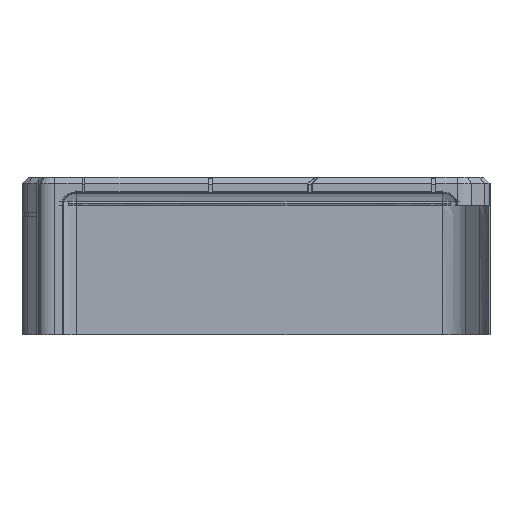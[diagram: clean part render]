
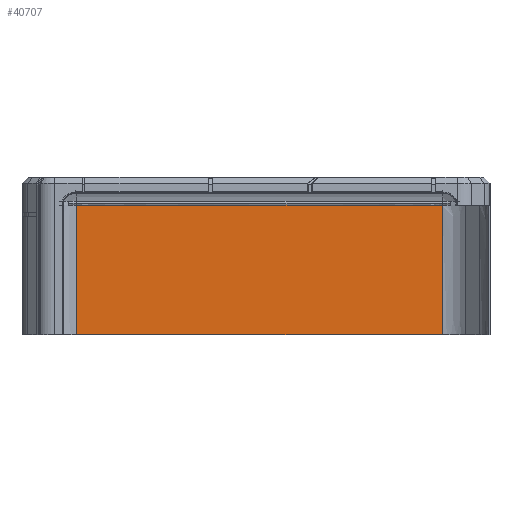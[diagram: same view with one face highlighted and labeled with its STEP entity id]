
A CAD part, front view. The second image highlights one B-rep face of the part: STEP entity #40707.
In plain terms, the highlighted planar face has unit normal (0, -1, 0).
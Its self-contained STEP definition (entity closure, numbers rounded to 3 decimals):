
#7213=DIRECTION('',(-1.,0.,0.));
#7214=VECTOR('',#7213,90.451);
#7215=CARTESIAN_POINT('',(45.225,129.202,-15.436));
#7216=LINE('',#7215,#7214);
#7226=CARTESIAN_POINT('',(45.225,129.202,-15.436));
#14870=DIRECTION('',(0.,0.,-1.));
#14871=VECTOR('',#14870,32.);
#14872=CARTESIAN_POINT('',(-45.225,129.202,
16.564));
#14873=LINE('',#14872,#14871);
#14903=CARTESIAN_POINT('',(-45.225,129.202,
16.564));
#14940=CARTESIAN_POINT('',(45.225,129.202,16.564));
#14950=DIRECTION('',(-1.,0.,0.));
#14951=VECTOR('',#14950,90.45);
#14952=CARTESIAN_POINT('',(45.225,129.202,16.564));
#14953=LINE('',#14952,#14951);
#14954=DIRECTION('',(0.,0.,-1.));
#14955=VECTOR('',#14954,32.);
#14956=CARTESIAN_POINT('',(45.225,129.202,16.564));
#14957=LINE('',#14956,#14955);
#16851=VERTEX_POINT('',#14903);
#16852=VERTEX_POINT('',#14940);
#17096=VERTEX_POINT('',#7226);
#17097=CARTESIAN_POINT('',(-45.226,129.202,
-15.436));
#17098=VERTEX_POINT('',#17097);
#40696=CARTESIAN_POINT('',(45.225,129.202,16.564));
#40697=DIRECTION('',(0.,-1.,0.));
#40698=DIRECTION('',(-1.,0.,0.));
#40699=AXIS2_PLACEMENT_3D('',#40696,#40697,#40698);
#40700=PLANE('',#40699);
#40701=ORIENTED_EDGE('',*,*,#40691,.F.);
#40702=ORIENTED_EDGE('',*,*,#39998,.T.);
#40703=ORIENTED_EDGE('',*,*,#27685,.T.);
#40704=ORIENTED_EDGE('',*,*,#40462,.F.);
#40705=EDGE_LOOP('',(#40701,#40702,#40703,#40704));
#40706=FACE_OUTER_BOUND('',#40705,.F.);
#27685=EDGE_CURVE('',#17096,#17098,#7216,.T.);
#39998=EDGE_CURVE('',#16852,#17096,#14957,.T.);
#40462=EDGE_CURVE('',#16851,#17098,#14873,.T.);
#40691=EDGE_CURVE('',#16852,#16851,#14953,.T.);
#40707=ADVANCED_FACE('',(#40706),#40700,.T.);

■ ■ ■ ■

— What is being asked —
Starting at the first line of the material above and ending with the line that contains "#40698=DIRECTION('',(-1.,0.,0.));", reproduce every line exactly, and leave out the pictures.

— Solution to this problem —
[diagram: clean part render]
[diagram: same view with one face highlighted and labeled with its STEP entity id]
A CAD part, front view. The second image highlights one B-rep face of the part: STEP entity #40707.
In plain terms, the highlighted planar face has unit normal (0, -1, 0).
Its self-contained STEP definition (entity closure, numbers rounded to 3 decimals):
#7213=DIRECTION('',(-1.,0.,0.));
#7214=VECTOR('',#7213,90.451);
#7215=CARTESIAN_POINT('',(45.225,129.202,-15.436));
#7216=LINE('',#7215,#7214);
#7226=CARTESIAN_POINT('',(45.225,129.202,-15.436));
#14870=DIRECTION('',(0.,0.,-1.));
#14871=VECTOR('',#14870,32.);
#14872=CARTESIAN_POINT('',(-45.225,129.202,
16.564));
#14873=LINE('',#14872,#14871);
#14903=CARTESIAN_POINT('',(-45.225,129.202,
16.564));
#14940=CARTESIAN_POINT('',(45.225,129.202,16.564));
#14950=DIRECTION('',(-1.,0.,0.));
#14951=VECTOR('',#14950,90.45);
#14952=CARTESIAN_POINT('',(45.225,129.202,16.564));
#14953=LINE('',#14952,#14951);
#14954=DIRECTION('',(0.,0.,-1.));
#14955=VECTOR('',#14954,32.);
#14956=CARTESIAN_POINT('',(45.225,129.202,16.564));
#14957=LINE('',#14956,#14955);
#16851=VERTEX_POINT('',#14903);
#16852=VERTEX_POINT('',#14940);
#17096=VERTEX_POINT('',#7226);
#17097=CARTESIAN_POINT('',(-45.226,129.202,
-15.436));
#17098=VERTEX_POINT('',#17097);
#40696=CARTESIAN_POINT('',(45.225,129.202,16.564));
#40697=DIRECTION('',(0.,-1.,0.));
#40698=DIRECTION('',(-1.,0.,0.));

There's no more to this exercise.